When using such a metric in your reporting, you’ll notice that adding this metric to a report automatically sets an independent Time Interval of None and Time Range of Global:

Adding a metric without a timestamp to a report.
Click for a closer look!

Giving one metric an independent Time Interval

Time Options allow you to create time-based ‘100% charts’ to identify which day, week, month, or year contributed the most value during a specific time range. In this section, we’ll create a chart that shows you the percent of revenue generated in each calendar month of a year.

This type of report can be useful if you want to compare revenue generated year-over-year. For example, if a chart for 2015 revealed that January contributed 18% of revenue for the year and one for 2016 showed only 8%, you could start researching what might have happened.

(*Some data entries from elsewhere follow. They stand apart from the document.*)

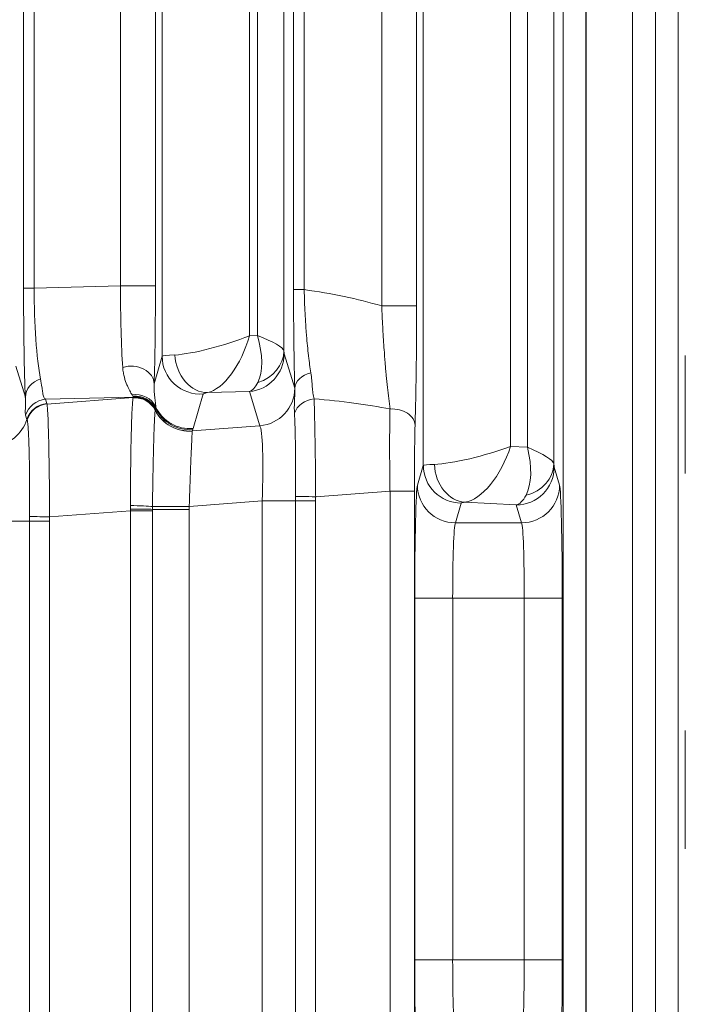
# Model space of a CAD drawing. Header units: millimetres. Extents: x 4 to 836, y 5 to 589.
# Tile 105 of 163: x 640 to 649, y 279 to 292. Entities that reach past the tile are written whole.
import ezdxf

# ---------------------------------------------------------------- set-up
doc = ezdxf.new("R2010")
doc.units = ezdxf.units.MM
doc.layers.add('1', color=7, linetype='Continuous', true_color=0xffffff)
doc.styles.add('ideas_simplex', font='simplex.shx')
doc.dimstyles.get("Standard").update_dxf_attribs({"dimtxt": 0.18, "dimasz": 0.18, "dimexe": 0.18, "dimexo": 0.0625, "dimgap": 0.09, "dimtad": 0, "dimtih": 1, "dimtoh": 1, "dimdec": 4, "dimzin": 0, "dimdsep": 46, "dimtxsty": 'Standard', "dimcen": 0.09, "dimadec": 0, "dimazin": 0, "dimtfac": 1, "dimtdec": 4, "dimtofl": 0, "dimtmove": 0, "dimatfit": 3, "dimfxl": 1, "dimtolj": 1, "dimtzin": 0, "dimarcsym": 0})

# ---------------------------------------------------------------- blocks, each defined once
blk = doc.blocks.new('_U8')
at = {"layer": '1', "color": 152, "lineweight": 13}
for p, q in [((693.603977, 317.597855), (616.177731, 317.597855)), ((666.128055, 256.097779), (616.177731, 256.097779))]:
    blk.add_line(p, q, dxfattribs=at)
at = {"layer": '1', "color": 27, "lineweight": 13}
blk.add_line((618.177731, 317.597855), (618.177731, 256.097779), dxfattribs=at)
at = {"layer": '1', "color": 87, "lineweight": 25}
for p, q in [((616.677731, 293.950317), (611.052731, 293.950317)), ((611.052731, 293.950317), (611.052731, 292.450317)), ((616.677731, 292.450317), (616.677731, 293.950317)), ((611.052731, 281.245317), (611.052731, 279.745317)), ((616.677731, 279.745317), (616.677731, 281.245317)), ((611.052731, 279.745317), (616.677731, 279.745317))]:
    blk.add_line(p, q, dxfattribs=at)
at = {"layer": '1', "color": 27, "lineweight": 18}
for points in [[(618.177731, 317.597855), (618.706712, 314.597857), (617.648751, 314.597853)], [(618.177731, 256.097779), (617.648751, 259.097777), (618.706712, 259.097781)]]:
    blk.add_solid(points, dxfattribs=at)
at = {"layer": '1', "color": 87, "linetype": 'Continuous', "lineweight": 25, "char_height": 3, "attachment_point": 7, "rotation": 90, "line_spacing_factor": 1.204819, "style": 'ideas_simplex'}
for s, insert in [('\\W1.2097;61,5', (609.211731, 281.192817)), ('\\W1.2097;2.42', (616.524231, 281.192817))]:
    blk.add_mtext(s, dxfattribs=dict(at, insert=insert))

msp = doc.modelspace()

# ---------------------------------------------------------------- linework, layer by layer
at = {"layer": '1', "color": 143, "linetype": 'Continuous', "lineweight": 18}
for p, q in [((648.604, 263.133), (648.604, 350.063)), ((648.304, 297.94), (648.304, 263.24)), ((648.698, 287.686), (648.698, 286.129)), ((648.698, 282.737), (648.698, 281.179))]:
    msp.add_line(p, q, dxfattribs=at)
at = {"layer": '1', "color": 143, "linetype": 'Continuous', "lineweight": 13}
for p, q in [((645.245, 286.236), (645.245, 326.96)), ((646.966, 326.94), (646.966, 286.256)), ((646.395, 326.71), (646.395, 286.486)), ((646.616, 286.474), (646.616, 326.722)), ((641.802, 287.674), (641.802, 325.522)), ((643.408, 325.451), (643.408, 287.745)), ((642.952, 325.25), (642.952, 287.945)), ((643.058, 287.948), (643.058, 325.248)), ((639.976, 288.574), (639.976, 324.621)), ((640.116, 324.621), (640.116, 288.574)), ((641.254, 288.604), (641.254, 324.591)), ((641.713, 324.591), (641.713, 288.604)), ((643.534, 288.553), (643.534, 300.028)), ((643.674, 300.028), (643.674, 288.553)), ((644.697, 288.338), (644.697, 299.296)), ((645.157, 299.296), (645.157, 288.338)), ((647.09, 274.881), (647.09, 297.943)), ((647.388, 297.944), (647.388, 274.881)), ((647.393, 297.94), (647.393, 257.874)), ((648.004, 263.24), (648.004, 297.94)), ((639.976, 288.574), (640.116, 288.574)), ((640.116, 288.574), (641.254, 288.604)), ((641.254, 288.604), (641.713, 288.604)), ((643.674, 288.553), (643.534, 288.553)), ((645.157, 288.338), (644.697, 288.338)), ((642.952, 287.945), (643.058, 287.948)), ((641.696, 287.311), (641.802, 287.674)), ((643.411, 287.706), (643.549, 287.254)), ((639.873, 287.544), (639.999, 287.133)), ((641.423, 287.137), (640.265, 287.107)), ((640.284, 287.045), (641.42, 287.131)), ((642.342, 287.177), (642.21, 286.722)), ((642.952, 287.21), (642.398, 287.195)), ((643.09, 286.757), (642.952, 287.21)), ((640.265, 287.107), (640.282, 287.05)), ((640.02, 286.841), (640.003, 286.898)), ((642.199, 286.69), (643.09, 286.757)), ((646.395, 286.486), (646.616, 286.474)), ((645.168, 285.976), (645.245, 286.236)), ((646.97, 286.211), (647.04, 285.976)), ((644.806, 285.896), (643.826, 285.822)), ((644.806, 278.3), (644.806, 285.896)), ((645.127, 285.896), (644.806, 285.896)), ((645.127, 285.896), (645.127, 278.3)), ((643.12, 285.766), (642.159, 285.693)), ((643.12, 278.43), (643.12, 285.766)), ((643.12, 285.766), (643.561, 285.766)), ((643.561, 278.43), (643.561, 285.766)), ((643.825, 285.766), (643.561, 285.766)), ((643.825, 285.766), (643.825, 278.43)), ((645.745, 285.737), (645.667, 285.478)), ((646.47, 285.713), (645.794, 285.75)), ((646.541, 285.478), (646.47, 285.713)), ((641.384, 285.637), (640.319, 285.557)), ((641.384, 278.558), (641.384, 285.637)), ((641.384, 285.637), (641.675, 285.637)), ((641.675, 285.655), (642.159, 285.655)), ((641.675, 285.637), (641.675, 278.558)), ((642.159, 285.655), (642.159, 278.54)), ((639.614, 285.501), (640.054, 285.501)), ((640.054, 278.695), (640.054, 285.501)), ((640.054, 285.501), (640.319, 285.501)), ((640.319, 285.501), (640.319, 278.695)), ((645.667, 285.478), (646.541, 285.478)), ((645.132, 284.482), (645.632, 284.482)), ((645.132, 279.714), (645.132, 284.482)), ((646.576, 284.482), (645.632, 284.482)), ((645.632, 284.482), (645.632, 279.714)), ((646.576, 279.714), (646.576, 284.482)), ((646.576, 284.482), (647.076, 284.482)), ((647.076, 284.482), (647.076, 279.714)), ((645.132, 279.714), (645.632, 279.714)), ((645.632, 279.714), (646.576, 279.714)), ((646.576, 279.714), (647.076, 279.714))]:
    msp.add_line(p, q, dxfattribs=at)
for centre, major_axis, ratio, start_param, end_param in [((640.032, 288.601), (-0.001, -1.801), 0.031454, 4.727263, 5.665979), ((640.332, 288.601), (-0.01, -1.501), 0.144199, 4.731152, 5.669868), ((641.359, 288.628), (-0.007, -1.501), 0.069967, 4.728606, 5.53592), ((641.659, 288.628), (-0.001, 1.801), 0.030434, 3.891833, 4.699147), ((641.736, 285.596), (-5.359, -0.61), 0.555322, 4.065229, 4.279916), ((642.552, 287.945), (-0.749, -0.223), 0.167328, 0.629667, 2.08325), ((642.552, 287.945), (-0.267, -0.744), 0.48275, 0.288947, 1.74253), ((642.658, 287.948), (-0.749, 0.213), 0.16115, 3.213469, 4.195906), ((642.658, 287.948), (-0.292, 0.731), 0.480074, 3.540259, 4.522696), ((642.552, 287.694), (-0.75, -0.02), 0.029238, 5.602995, 6.256209), ((642.302, 287.674), (-0.48, 0.14), 0.995643, 0.284559, 1.93418), ((642.357, 287.691), (-0.093, 0.491), 0.77245, 1.424832, 3.003921), ((642.911, 287.706), (-0.478, -0.146), 0.996014, 1.356348, 2.843741), ((642.908, 287.745), (0.499, 0.024), 0.878584, 4.986909, 6.228347), ((643.412, 287.955), (0, -0.25), 0.031454, 5.7097, 6.180846), ((641.397, 287.311), (-0.3, 0.01), 0.776151, 3.183119, 5.129649), ((643.85, 287.251), (0.3, 0.008), 0.714578, 1.843542, 3.104165), ((640.299, 287.133), (0.3, 0.013), 0.858349, 1.869708, 3.09055), ((642.912, 287.955), (-0.012, 0.75), 0.344743, 3.248267, 3.719413), ((641.449, 286.875), (-0.298, -0.034), 0.982269, 3.47982, 4.74638), ((641.449, 286.851), (-0.299, 0.026), 0.991317, 3.692146, 4.906932), ((641.444, 286.83), (0.296, -0.047), 0.993751, 0.624244, 1.811107), ((641.444, 286.829), (-0.297, 0.041), 0.992886, 3.746267, 4.933141), ((641.445, 286.833), (-0.286, 0.092), 0.995544, 3.917572, 5.103972), ((641.447, 286.839), (-0.284, 0.098), 0.995464, 3.938534, 5.124934), ((642.592, 287.197), (-0.25, -0.021), 0.087194, 5.596619, 6.249833), ((643.05, 287.254), (0.478, 0.146), 0.996014, 4.49794, 5.985334), ((643.546, 285.755), (0, -1.504), 0.026223, 3.035719, 3.056098), ((640.289, 286.809), (-0.287, -0.088), 0.996014, 4.49794, 5.68434), ((640.306, 286.753), (0.287, 0.088), 0.996014, 1.356348, 2.542747), ((640.309, 286.747), (-0.268, -0.136), 0.995564, 4.326262, 5.515407), ((642.169, 287.218), (0.48, -0.14), 0.995643, 3.871952, 5.075773), ((643.834, 286.855), (0.299, 0.018), 0.865443, 1.618775, 2.80586), ((640.937, 285.596), (-5.474, -0.489), 0.272631, 3.903241, 4.136783), ((642.158, 287.186), (-0.477, 0.149), 0.995576, 0.767528, 1.953557), ((642.158, 287.185), (0.482, -0.134), 0.994903, 3.877554, 5.063573), ((642.165, 287.204), (-0.471, 0.168), 0.995424, 0.803737, 1.993154), ((644.858, 285.892), (-0.023, 1.503), 0.034806, 0.761143, 1.567646), ((644.837, 286.763), (0.3, -0.008), 0.722159, 0.037852, 1.693094), ((639.543, 286.989), (0.478, 0.146), 0.996014, 4.49794, 5.68434), ((643.046, 285.755), (-0.038, -1.006), 0.073389, 1.584419, 3.062485), ((645.158, 285.892), (0, 1.203), 0.026128, 0.761013, 1.567515), ((645.995, 286.486), (-0.749, -0.207), 0.157833, 0.592362, 2.089349), ((645.995, 286.486), (-0.306, -0.723), 0.478289, 0.273353, 1.770341), ((646.217, 286.474), (-0.254, 0.751), 0.483887, 3.567957, 4.550393), ((646.217, 286.474), (-0.749, 0.229), 0.170757, 3.219839, 4.202275), ((645.995, 286.235), (-0.75, 0), 0.029163, 5.647196, 6.257005), ((645.745, 286.236), (-0.479, 0.143), 0.995856, 0.291963, 1.860478), ((645.794, 286.248), (-0.059, 0.497), 0.802499, 1.475989, 2.994994), ((646.466, 286.256), (0.499, 0.022), 0.864178, 4.939752, 6.231139), ((646.971, 286.46), (0, 0.25), 0.031404, 2.522132, 3.036683), ((646.47, 286.211), (-0.479, -0.143), 0.995856, 1.281115, 2.84963), ((645.171, 284.482), (0, -1.5), 0.026186, 3.228859, 4.712389), ((645.667, 285.976), (0.479, -0.143), 0.995856, 3.433556, 5.002071), ((646.541, 285.976), (0.479, 0.143), 0.995856, 4.422707, 5.991222), ((647.037, 284.482), (0, -1.5), 0.026186, 1.570796, 3.054326), ((646.471, 286.46), (-0.025, -0.75), 0.344332, 0.09585, 0.610401), ((641.406, 285.692), (-0.3, 0.006), 0.044184, 3.597973, 4.786486), ((643.846, 285.822), (0.3, -0.004), 0.000932, 3.454247, 4.642582), ((645.995, 285.737), (-0.25, 0), 0.087489, 5.647196, 6.257005), ((641.405, 285.655), (-0.3, 0.002), 0.014605, 3.59604, 4.783436), ((642.124, 285.693), (0.5, 0.001), 0.000077, 3.59751, 4.782202), ((640.34, 285.557), (0.3, -0.004), 0.000932, 3.454247, 4.642582), ((645.671, 284.482), (0, -1), 0.039279, 3.228859, 4.712389), ((646.537, 284.482), (0, -1), 0.039279, 1.570796, 3.054326), ((645.171, 279.714), (0, -1.5), 0.026186, 4.712389, 6.195919), ((645.671, 279.714), (0, -1), 0.039279, 4.712389, 6.195919), ((646.537, 279.714), (0, -1), 0.039279, 0.087266, 1.570796), ((647.037, 279.714), (0, -1.5), 0.026186, 0.087266, 1.570796)]:
    msp.add_ellipse(centre, major_axis=major_axis, ratio=ratio, start_param=start_param, end_param=end_param, dxfattribs=at)
at = {"layer": '1', "color": 143, "linetype": 'Continuous', "lineweight": 18}
for points, knots in [([(643.55, 287.251), (643.549, 287.293), (643.548, 287.338), (643.546, 287.407), (643.546, 287.431), (643.545, 287.479), (643.544, 287.503), (643.542, 287.627), (643.54, 287.732), (643.539, 287.87), (643.538, 287.898), (643.538, 287.955), (643.537, 287.984), (643.536, 288.071), (643.536, 288.13), (643.535, 288.248), (643.535, 288.308), (643.535, 288.43), (643.534, 288.491), (643.534, 288.553)], [0, 0, 0, 0, 0.125, 0.125, 0.1875, 0.1875, 0.25, 0.25, 0.5, 0.5, 0.5625, 0.5625, 0.625, 0.625, 0.75, 0.75, 0.875, 0.875, 1, 1, 1, 1]), ([(645.157, 288.338), (645.157, 288.262), (645.156, 288.187), (645.156, 288.075), (645.156, 288.038), (645.156, 287.983), (645.156, 287.964), (645.155, 287.927), (645.155, 287.909), (645.155, 287.819), (645.154, 287.748), (645.153, 287.609), (645.152, 287.541), (645.15, 287.441), (645.15, 287.408), (645.149, 287.343), (645.148, 287.31), (645.147, 287.216), (645.146, 287.155), (645.142, 286.978), (645.139, 286.867), (645.137, 286.763)], [0, 0, 0, 0, 0.125, 0.125, 0.1875, 0.1875, 0.21875, 0.21875, 0.25, 0.25, 0.375, 0.375, 0.5, 0.5, 0.5625, 0.5625, 0.625, 0.625, 0.75, 0.75, 1, 1, 1, 1])]:
    msp.add_open_spline(points, degree=3, knots=knots, dxfattribs=at)
at = {"layer": '1', "color": 143, "linetype": 'Continuous', "lineweight": 13}
for points, knots in [([(643.674, 288.553), (643.676, 288.5), (643.677, 288.447), (643.681, 288.344), (643.683, 288.292), (643.688, 288.191), (643.691, 288.141), (643.696, 288.067), (643.698, 288.043), (643.701, 287.995), (643.703, 287.972), (643.713, 287.855), (643.722, 287.768), (643.734, 287.665), (643.737, 287.645), (643.742, 287.605), (643.744, 287.585), (643.752, 287.527), (643.758, 287.491), (643.764, 287.455)], [0, 0, 0, 0, 0.125, 0.125, 0.25, 0.25, 0.375, 0.375, 0.4375, 0.4375, 0.5, 0.5, 0.75, 0.75, 0.8125, 0.8125, 0.875, 0.875, 1, 1, 1, 1]), ([(644.806, 286.979), (644.794, 287.069), (644.782, 287.164), (644.766, 287.315), (644.761, 287.367), (644.753, 287.448), (644.751, 287.476), (644.746, 287.532), (644.743, 287.56), (644.736, 287.646), (644.732, 287.704), (644.724, 287.824), (644.72, 287.885), (644.714, 287.979), (644.712, 288.011), (644.709, 288.076), (644.707, 288.108), (644.702, 288.206), (644.699, 288.271), (644.697, 288.338)], [0, 0, 0, 0, 0.25, 0.25, 0.375, 0.375, 0.4375, 0.4375, 0.5, 0.5, 0.625, 0.625, 0.75, 0.75, 0.8125, 0.8125, 0.875, 0.875, 1, 1, 1, 1]), ([(641.405, 287.166), (641.397, 287.18), (641.386, 287.198), (641.369, 287.231), (641.363, 287.242), (641.351, 287.268), (641.345, 287.281), (641.326, 287.326), (641.314, 287.359), (641.299, 287.416), (641.294, 287.436), (641.287, 287.48), (641.284, 287.503), (641.282, 287.528)], [0, 0, 0, 0, 0.25, 0.25, 0.375, 0.375, 0.5, 0.5, 0.75, 0.75, 0.875, 0.875, 1, 1, 1, 1]), ([(643.764, 287.455), (643.769, 287.422), (643.772, 287.39), (643.777, 287.328), (643.779, 287.298), (643.783, 287.241), (643.785, 287.214), (643.793, 287.162), (643.798, 287.137), (643.804, 287.113)], [0, 0, 0, 0, 0.25, 0.25, 0.5, 0.5, 0.75, 0.75, 1, 1, 1, 1]), ([(640.2, 287.375), (640.207, 287.337), (640.212, 287.302), (640.219, 287.256), (640.221, 287.241), (640.225, 287.214), (640.226, 287.202), (640.232, 287.169), (640.237, 287.151), (640.249, 287.123), (640.256, 287.113), (640.265, 287.107)], [0, 0, 0, 0, 0.25, 0.25, 0.375, 0.375, 0.5, 0.5, 0.75, 0.75, 1, 1, 1, 1]), ([(641.696, 287.311), (641.695, 287.29), (641.695, 287.271), (641.696, 287.235), (641.697, 287.218), (641.7, 287.17), (641.703, 287.142), (641.709, 287.092), (641.712, 287.071), (641.717, 287.033), (641.719, 287.017), (641.719, 287.003)], [0, 0, 0, 0, 0.125, 0.125, 0.25, 0.25, 0.5, 0.5, 0.75, 0.75, 1, 1, 1, 1]), ([(640.003, 286.898), (640.001, 286.905), (639.999, 286.915), (639.998, 286.942), (639.998, 286.958), (640, 286.997), (640.001, 287.019), (640.001, 287.071), (640.001, 287.1), (639.999, 287.133)], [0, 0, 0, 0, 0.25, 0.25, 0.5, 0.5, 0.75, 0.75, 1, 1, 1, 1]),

  1. Add your Revenue metric to the report.
  2. Click the Duplicate option to make a copy of the metric.
  3. Click the global Time Range option, then Moving Time Range. Set this to Last Year.
  4. Click the global Time Interval option and set it to Monthly.
  5. Report Builder automatically adds a second Y-axis for a second metric. Uncheck the Multiple Y-Axes box.
  6. Next, we’ll apply an independent Time Interval to the first metric. Click the Time Options option (clock icon) to the right of the first Revenue metric.
  7. Click Time Options in the expanded window that displays above the report.
  8. In the dropdown, set the following:
    • Time Interval - set this to None.
    • Time Range - set this to Last Year by first clicking Custom, then Moving Range and then the Last Year option.
  9. Click Apply to save the interval and range settings. This will create a metric that calculates the total revenue for the previous year. Next, we’ll use this metric as the denominator in a formula.
  10. To see the percent of revenue for each month, we need to add a formula to the report. Click the Add Formula button.
  11. Enter B/A in the formula field and select % Percent from the dropdown next to the text field. This formula divides the amount of revenue from a specific month last year by the total amount of revenue last year.
  12. Click Apply Changes.
  13. Hide both of your input metrics and rename the formula.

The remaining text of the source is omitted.